■ YOUR TASK ■
Among the lines below, keep only those from the one containing "#10857=CIRCLE('',#14081,20.);" through the one containing "#10873=VERTEX_POINT('',#14122);", and reproduce them exactly.

(Extracted records)

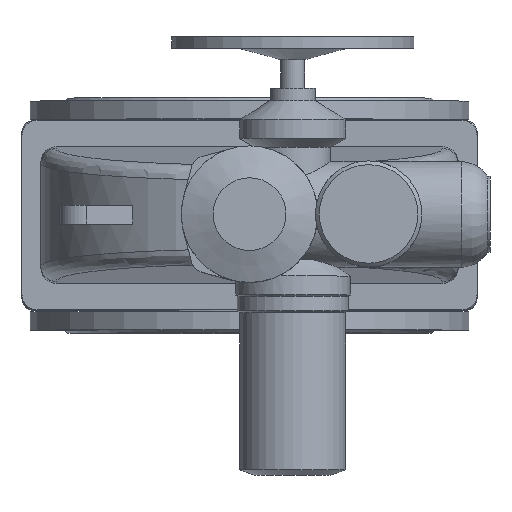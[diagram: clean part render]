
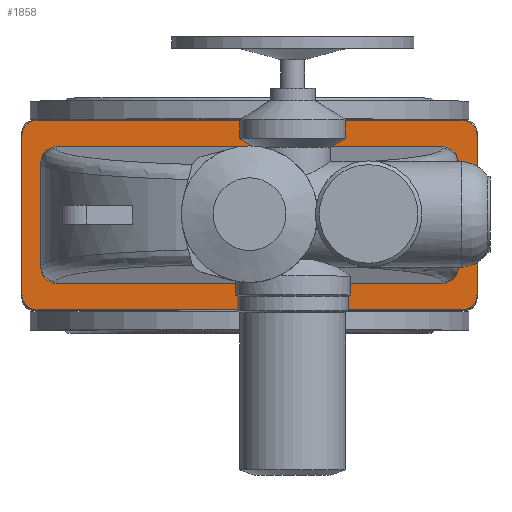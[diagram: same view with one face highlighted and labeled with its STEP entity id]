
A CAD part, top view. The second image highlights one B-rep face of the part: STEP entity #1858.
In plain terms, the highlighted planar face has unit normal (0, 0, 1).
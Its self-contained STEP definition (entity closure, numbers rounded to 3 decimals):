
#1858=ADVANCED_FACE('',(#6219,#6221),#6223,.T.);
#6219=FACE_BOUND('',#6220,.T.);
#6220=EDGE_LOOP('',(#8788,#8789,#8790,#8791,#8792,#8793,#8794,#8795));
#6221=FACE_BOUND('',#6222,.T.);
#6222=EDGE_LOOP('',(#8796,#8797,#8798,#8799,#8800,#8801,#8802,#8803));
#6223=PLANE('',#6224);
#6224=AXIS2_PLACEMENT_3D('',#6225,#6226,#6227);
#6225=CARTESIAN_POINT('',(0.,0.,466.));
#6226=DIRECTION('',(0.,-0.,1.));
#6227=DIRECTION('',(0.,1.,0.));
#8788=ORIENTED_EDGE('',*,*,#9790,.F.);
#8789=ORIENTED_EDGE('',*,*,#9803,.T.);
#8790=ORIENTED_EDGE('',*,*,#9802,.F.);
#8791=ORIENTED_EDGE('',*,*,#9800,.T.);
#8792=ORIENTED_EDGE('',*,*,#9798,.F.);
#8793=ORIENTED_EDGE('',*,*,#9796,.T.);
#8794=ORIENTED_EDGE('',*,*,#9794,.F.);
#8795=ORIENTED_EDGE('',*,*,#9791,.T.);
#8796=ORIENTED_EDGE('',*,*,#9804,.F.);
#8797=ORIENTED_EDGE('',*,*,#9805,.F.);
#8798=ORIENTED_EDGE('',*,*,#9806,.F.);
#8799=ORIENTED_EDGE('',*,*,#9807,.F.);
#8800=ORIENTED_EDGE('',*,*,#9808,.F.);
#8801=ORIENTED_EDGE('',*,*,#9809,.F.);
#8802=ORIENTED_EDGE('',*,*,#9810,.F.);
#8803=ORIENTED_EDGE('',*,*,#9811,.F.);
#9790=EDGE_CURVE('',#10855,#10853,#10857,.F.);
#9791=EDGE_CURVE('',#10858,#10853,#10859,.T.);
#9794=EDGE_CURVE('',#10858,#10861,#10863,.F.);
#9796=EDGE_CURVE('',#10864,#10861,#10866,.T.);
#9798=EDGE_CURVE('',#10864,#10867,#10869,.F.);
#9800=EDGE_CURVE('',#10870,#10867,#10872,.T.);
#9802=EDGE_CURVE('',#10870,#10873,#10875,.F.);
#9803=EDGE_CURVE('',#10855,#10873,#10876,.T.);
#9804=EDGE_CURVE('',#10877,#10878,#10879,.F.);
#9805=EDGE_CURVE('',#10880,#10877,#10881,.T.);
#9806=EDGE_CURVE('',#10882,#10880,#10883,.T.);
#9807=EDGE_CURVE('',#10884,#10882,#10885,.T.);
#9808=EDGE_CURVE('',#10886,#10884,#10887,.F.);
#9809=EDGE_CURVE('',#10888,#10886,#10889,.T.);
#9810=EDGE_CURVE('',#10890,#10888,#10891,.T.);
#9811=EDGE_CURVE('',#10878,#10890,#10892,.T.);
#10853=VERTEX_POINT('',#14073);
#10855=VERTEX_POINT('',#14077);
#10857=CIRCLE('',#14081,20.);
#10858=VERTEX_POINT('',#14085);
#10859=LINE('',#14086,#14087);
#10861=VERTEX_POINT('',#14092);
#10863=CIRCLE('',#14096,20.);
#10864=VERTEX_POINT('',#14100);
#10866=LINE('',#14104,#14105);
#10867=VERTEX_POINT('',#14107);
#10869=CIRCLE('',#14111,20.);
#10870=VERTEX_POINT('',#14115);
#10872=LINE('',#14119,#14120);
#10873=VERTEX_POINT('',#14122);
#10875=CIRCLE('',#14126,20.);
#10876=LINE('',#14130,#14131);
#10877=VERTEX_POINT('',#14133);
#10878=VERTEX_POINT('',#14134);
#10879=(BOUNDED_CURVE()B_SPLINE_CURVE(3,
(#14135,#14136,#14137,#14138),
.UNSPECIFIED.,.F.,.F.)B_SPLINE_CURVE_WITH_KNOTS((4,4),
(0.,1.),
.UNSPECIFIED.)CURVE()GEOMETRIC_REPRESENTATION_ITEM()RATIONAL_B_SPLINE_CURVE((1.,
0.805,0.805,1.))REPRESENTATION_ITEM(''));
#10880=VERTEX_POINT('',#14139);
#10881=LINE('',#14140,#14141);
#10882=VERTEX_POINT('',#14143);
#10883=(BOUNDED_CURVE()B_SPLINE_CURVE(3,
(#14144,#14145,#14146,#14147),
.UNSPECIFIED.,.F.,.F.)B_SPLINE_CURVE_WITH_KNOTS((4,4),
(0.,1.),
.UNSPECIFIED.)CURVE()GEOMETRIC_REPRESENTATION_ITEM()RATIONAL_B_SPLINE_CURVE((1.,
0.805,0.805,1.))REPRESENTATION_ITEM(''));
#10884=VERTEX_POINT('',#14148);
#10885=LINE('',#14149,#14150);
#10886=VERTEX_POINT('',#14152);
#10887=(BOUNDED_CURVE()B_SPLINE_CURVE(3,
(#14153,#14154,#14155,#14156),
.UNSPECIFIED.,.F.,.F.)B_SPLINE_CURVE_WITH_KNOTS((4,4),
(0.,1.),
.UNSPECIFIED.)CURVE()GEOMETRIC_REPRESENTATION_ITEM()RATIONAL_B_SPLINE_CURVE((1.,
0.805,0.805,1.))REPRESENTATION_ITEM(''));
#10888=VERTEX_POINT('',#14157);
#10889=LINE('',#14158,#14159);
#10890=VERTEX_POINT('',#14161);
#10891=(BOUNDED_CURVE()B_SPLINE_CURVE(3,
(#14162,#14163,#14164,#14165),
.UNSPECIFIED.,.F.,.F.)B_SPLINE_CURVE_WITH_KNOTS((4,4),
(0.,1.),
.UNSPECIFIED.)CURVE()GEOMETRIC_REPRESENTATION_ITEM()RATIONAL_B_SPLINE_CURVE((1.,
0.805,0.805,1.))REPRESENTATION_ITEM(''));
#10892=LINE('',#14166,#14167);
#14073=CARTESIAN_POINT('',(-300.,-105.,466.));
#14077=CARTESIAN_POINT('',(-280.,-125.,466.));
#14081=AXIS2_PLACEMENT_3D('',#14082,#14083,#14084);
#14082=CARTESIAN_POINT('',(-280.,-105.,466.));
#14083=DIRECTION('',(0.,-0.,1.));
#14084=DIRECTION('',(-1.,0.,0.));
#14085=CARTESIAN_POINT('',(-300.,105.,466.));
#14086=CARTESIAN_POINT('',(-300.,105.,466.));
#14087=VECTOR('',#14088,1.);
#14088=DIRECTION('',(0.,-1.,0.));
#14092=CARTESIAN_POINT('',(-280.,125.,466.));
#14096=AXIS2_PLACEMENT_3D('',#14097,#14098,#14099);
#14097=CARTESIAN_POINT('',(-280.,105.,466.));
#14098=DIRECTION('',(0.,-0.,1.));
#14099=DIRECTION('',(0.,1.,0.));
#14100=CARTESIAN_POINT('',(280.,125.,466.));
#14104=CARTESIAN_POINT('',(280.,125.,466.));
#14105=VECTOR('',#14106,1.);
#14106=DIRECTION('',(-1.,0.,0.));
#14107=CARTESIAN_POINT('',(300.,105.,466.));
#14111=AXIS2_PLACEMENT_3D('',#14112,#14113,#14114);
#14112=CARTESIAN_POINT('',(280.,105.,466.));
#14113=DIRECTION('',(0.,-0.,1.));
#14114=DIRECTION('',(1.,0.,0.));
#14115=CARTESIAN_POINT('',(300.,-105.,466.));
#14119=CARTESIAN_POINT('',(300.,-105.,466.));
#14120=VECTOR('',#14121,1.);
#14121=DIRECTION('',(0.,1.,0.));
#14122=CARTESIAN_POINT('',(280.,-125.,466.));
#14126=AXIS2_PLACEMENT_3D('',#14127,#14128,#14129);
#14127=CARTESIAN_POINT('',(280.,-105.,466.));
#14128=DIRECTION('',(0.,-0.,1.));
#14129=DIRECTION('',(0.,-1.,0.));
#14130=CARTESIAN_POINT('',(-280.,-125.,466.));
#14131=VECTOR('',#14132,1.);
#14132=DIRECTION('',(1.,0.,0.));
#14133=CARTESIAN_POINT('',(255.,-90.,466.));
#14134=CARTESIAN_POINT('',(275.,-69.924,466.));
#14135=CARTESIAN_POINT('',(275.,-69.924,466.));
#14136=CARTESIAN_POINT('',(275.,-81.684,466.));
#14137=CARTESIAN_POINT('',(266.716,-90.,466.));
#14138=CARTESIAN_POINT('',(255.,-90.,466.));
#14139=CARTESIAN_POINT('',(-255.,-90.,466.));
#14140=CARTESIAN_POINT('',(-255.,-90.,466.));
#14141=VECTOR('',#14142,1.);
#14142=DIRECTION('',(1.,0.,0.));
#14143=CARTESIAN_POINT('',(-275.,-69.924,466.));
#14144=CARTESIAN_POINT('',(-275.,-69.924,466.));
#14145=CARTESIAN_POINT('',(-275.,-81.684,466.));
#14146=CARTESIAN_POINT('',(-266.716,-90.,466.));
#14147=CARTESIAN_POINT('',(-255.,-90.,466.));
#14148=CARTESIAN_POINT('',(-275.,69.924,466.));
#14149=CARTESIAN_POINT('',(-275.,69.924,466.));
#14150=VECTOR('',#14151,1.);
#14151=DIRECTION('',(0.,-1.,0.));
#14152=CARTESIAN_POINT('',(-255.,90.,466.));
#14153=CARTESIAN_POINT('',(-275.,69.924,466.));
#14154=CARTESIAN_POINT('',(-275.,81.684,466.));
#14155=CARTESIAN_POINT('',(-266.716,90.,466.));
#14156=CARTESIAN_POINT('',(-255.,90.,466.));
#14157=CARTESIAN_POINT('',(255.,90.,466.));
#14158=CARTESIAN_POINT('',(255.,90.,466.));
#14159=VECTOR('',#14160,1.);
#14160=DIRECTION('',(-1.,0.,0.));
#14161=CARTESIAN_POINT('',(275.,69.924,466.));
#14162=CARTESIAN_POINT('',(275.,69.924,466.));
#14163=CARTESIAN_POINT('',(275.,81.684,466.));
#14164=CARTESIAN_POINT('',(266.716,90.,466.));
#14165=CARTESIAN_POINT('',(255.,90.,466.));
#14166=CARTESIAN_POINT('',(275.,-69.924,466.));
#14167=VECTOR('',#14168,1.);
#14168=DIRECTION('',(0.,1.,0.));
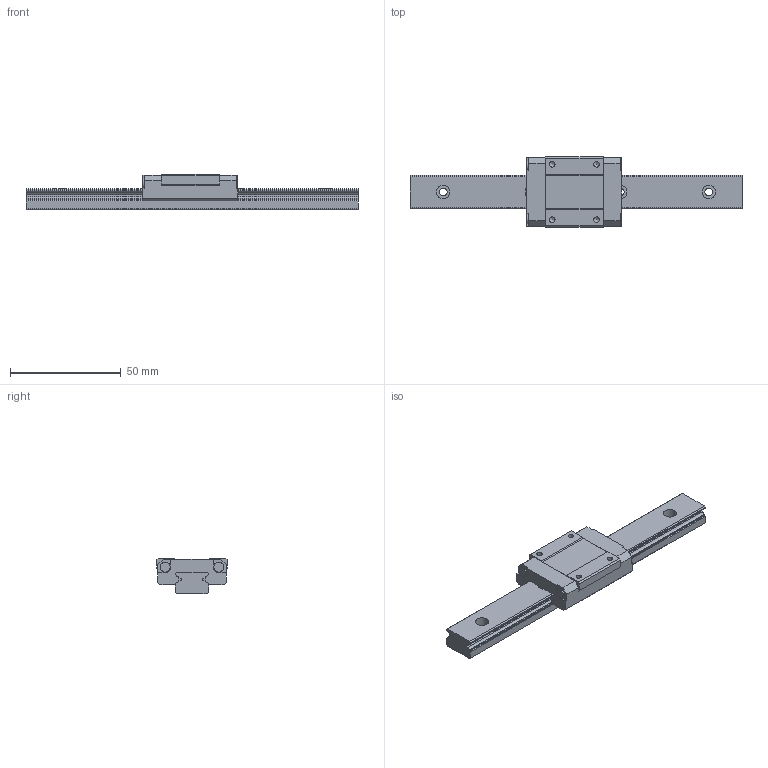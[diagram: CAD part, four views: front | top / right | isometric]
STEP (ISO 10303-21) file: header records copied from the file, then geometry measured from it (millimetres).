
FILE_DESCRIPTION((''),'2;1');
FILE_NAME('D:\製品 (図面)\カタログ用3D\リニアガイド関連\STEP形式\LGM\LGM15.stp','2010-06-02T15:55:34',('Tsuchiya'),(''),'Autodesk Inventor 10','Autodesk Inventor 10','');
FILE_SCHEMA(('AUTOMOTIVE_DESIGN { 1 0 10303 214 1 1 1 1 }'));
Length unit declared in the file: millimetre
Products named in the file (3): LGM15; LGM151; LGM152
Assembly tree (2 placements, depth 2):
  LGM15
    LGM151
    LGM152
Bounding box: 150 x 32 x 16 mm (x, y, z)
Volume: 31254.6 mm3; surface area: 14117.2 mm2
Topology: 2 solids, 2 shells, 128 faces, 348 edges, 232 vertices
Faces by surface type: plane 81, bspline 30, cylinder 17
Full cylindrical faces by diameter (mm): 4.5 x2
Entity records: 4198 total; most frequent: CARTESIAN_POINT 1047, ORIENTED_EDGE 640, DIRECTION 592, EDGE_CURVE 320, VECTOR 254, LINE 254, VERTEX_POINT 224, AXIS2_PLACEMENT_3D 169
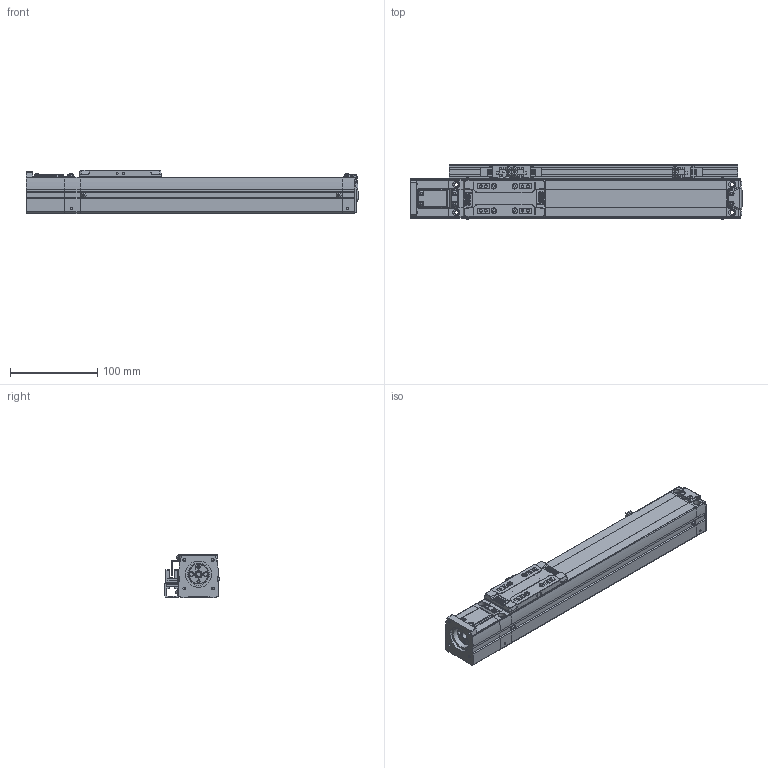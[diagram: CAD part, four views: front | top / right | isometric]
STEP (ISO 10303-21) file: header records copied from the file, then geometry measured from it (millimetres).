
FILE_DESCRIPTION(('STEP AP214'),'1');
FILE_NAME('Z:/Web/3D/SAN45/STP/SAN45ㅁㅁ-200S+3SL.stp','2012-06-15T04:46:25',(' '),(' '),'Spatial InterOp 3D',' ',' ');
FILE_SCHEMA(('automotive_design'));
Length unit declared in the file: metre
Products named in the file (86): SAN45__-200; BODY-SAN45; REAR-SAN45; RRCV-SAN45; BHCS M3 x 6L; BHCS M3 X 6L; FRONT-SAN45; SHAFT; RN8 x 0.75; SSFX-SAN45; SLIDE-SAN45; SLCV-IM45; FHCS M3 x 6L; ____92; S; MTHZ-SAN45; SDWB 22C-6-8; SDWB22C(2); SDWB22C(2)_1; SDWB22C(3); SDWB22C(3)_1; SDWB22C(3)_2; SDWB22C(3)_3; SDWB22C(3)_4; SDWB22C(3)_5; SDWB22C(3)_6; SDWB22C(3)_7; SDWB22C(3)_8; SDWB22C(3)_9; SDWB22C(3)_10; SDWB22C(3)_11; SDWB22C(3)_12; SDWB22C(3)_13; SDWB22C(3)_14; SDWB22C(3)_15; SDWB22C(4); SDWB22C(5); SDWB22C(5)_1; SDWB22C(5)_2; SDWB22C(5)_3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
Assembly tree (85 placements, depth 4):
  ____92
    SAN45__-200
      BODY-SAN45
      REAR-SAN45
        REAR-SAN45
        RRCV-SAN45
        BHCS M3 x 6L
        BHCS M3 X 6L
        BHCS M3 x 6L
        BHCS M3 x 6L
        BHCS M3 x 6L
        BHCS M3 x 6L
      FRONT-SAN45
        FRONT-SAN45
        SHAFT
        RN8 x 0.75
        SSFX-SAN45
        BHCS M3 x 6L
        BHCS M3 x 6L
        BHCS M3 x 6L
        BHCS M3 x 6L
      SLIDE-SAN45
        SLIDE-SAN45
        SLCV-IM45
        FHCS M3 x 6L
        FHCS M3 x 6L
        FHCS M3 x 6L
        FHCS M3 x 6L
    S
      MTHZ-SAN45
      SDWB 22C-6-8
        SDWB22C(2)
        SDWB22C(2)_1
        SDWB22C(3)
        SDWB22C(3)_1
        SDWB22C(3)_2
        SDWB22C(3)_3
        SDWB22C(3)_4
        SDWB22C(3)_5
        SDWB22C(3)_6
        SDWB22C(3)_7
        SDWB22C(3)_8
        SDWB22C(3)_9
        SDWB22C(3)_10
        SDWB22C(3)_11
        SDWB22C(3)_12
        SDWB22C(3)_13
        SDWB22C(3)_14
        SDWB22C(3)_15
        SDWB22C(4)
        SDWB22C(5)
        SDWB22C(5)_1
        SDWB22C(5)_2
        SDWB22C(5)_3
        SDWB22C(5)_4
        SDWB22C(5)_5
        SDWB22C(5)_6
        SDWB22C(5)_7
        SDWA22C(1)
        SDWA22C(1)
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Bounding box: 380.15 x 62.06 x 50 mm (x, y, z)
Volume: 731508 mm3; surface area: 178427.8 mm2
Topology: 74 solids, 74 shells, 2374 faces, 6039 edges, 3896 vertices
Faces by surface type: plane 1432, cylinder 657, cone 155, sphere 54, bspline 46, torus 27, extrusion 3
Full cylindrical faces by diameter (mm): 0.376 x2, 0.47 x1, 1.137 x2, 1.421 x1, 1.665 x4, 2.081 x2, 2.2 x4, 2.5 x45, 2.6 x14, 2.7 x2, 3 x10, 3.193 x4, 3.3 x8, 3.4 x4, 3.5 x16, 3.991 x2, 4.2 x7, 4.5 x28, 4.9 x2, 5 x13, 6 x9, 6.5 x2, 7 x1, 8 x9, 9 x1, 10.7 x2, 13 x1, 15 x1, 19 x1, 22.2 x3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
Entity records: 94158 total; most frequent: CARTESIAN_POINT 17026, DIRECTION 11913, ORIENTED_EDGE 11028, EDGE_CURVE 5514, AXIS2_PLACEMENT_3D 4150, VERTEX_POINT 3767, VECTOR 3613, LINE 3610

■ EXERCISE ANSWER ■
#10857=CIRCLE('',#14081,20.);
#10858=VERTEX_POINT('',#14085);
#10859=LINE('',#14086,#14087);
#10861=VERTEX_POINT('',#14092);
#10863=CIRCLE('',#14096,20.);
#10864=VERTEX_POINT('',#14100);
#10866=LINE('',#14104,#14105);
#10867=VERTEX_POINT('',#14107);
#10869=CIRCLE('',#14111,20.);
#10870=VERTEX_POINT('',#14115);
#10872=LINE('',#14119,#14120);
#10873=VERTEX_POINT('',#14122);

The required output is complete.